We could also measure radiation in Joules (energy). 1 Sievert is 1 Joule per kilogram, which basically means that if the light from a typical light bulb were ionizing, it could give you enough radiation to get radiation sickness in a matter of minutes, if you were standing close to it. So, dangerous levels of radiation don't necessarily have a lot of energy, our bodies are just easily damaged by it. Our cells can repair most of the damage, but only slowly.

"Worst case, [cells] become cancerous. This is why people with radiation sickness see their hair fall out and have gastric problems." Radiation sickness is not a form of cancer, it's the effect of large-scale cellular damage. Radiation sickness starts within hours of acute exposure, while cancer can occur many years later. A dose of radiation large enough to be *likely* to cause cancer would be directly lethal if the dose were received all at once.
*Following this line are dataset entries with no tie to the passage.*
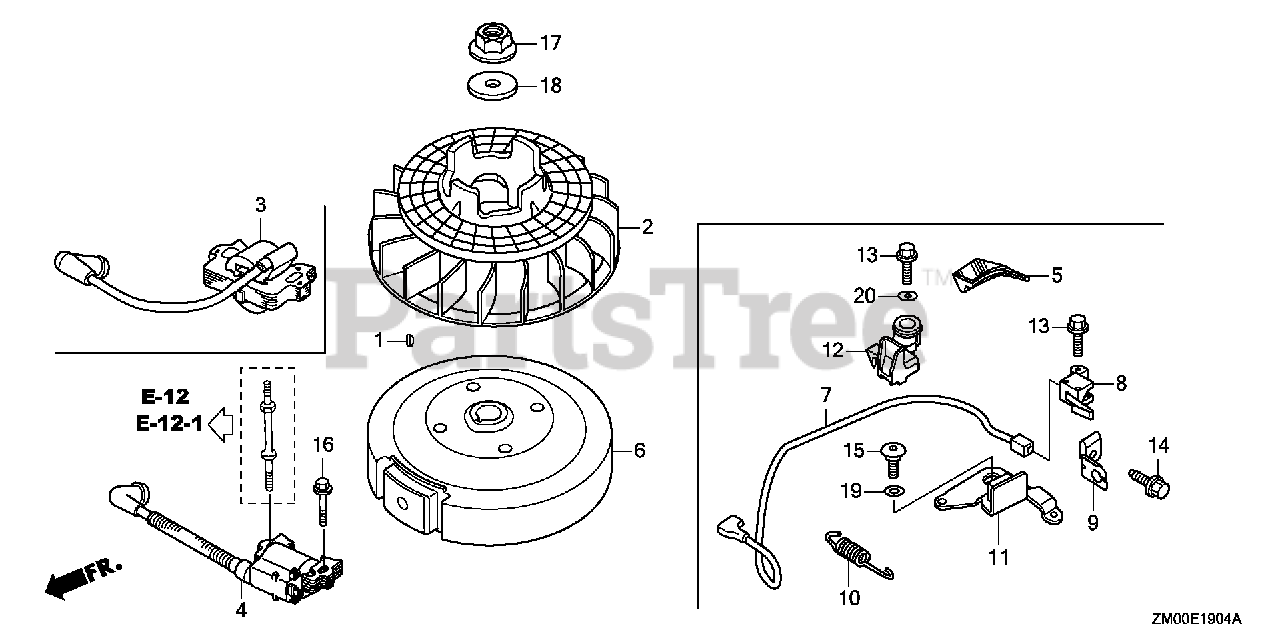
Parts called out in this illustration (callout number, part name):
1	KEY, SPECIAL WOODRUFF (25X18)
2	FAN, COOLING
4	COIL ASSY., IGNITION (PHELON)
6	FLYWHEEL (KOKUSAN)
16	BOLT, FLANGE (6X23)
17	NUT, SPECIAL (14MM)
18	WASHER (14X45)

So cancers tend to be associated with large doses spread out over a period of years, or, for acute exposure from an atom bomb, a small number of cancer cases in a large population.

For specific info about cancer risk from radiation, see https://twitter.com/DPiepgrass/status/1569508398202515458

"RAD is exposure to radiation, but what you absorb is the REM": Uhh... RAD stands for Radiation Absorbed Dose. RAD is to REM as Gy is to Sv; in both cases the dimensions are the same (Gy and Sv both mean "Joules per second") but Sv and rem are adjusted by "RBE" as mentioned above. Typically, 1 Gy = 1 Sv (and 1 rad = 1 rem) unless alpha particles are involved. So Sv/mSv/rem units are more informative, but similar to Gy/rad in typical cases.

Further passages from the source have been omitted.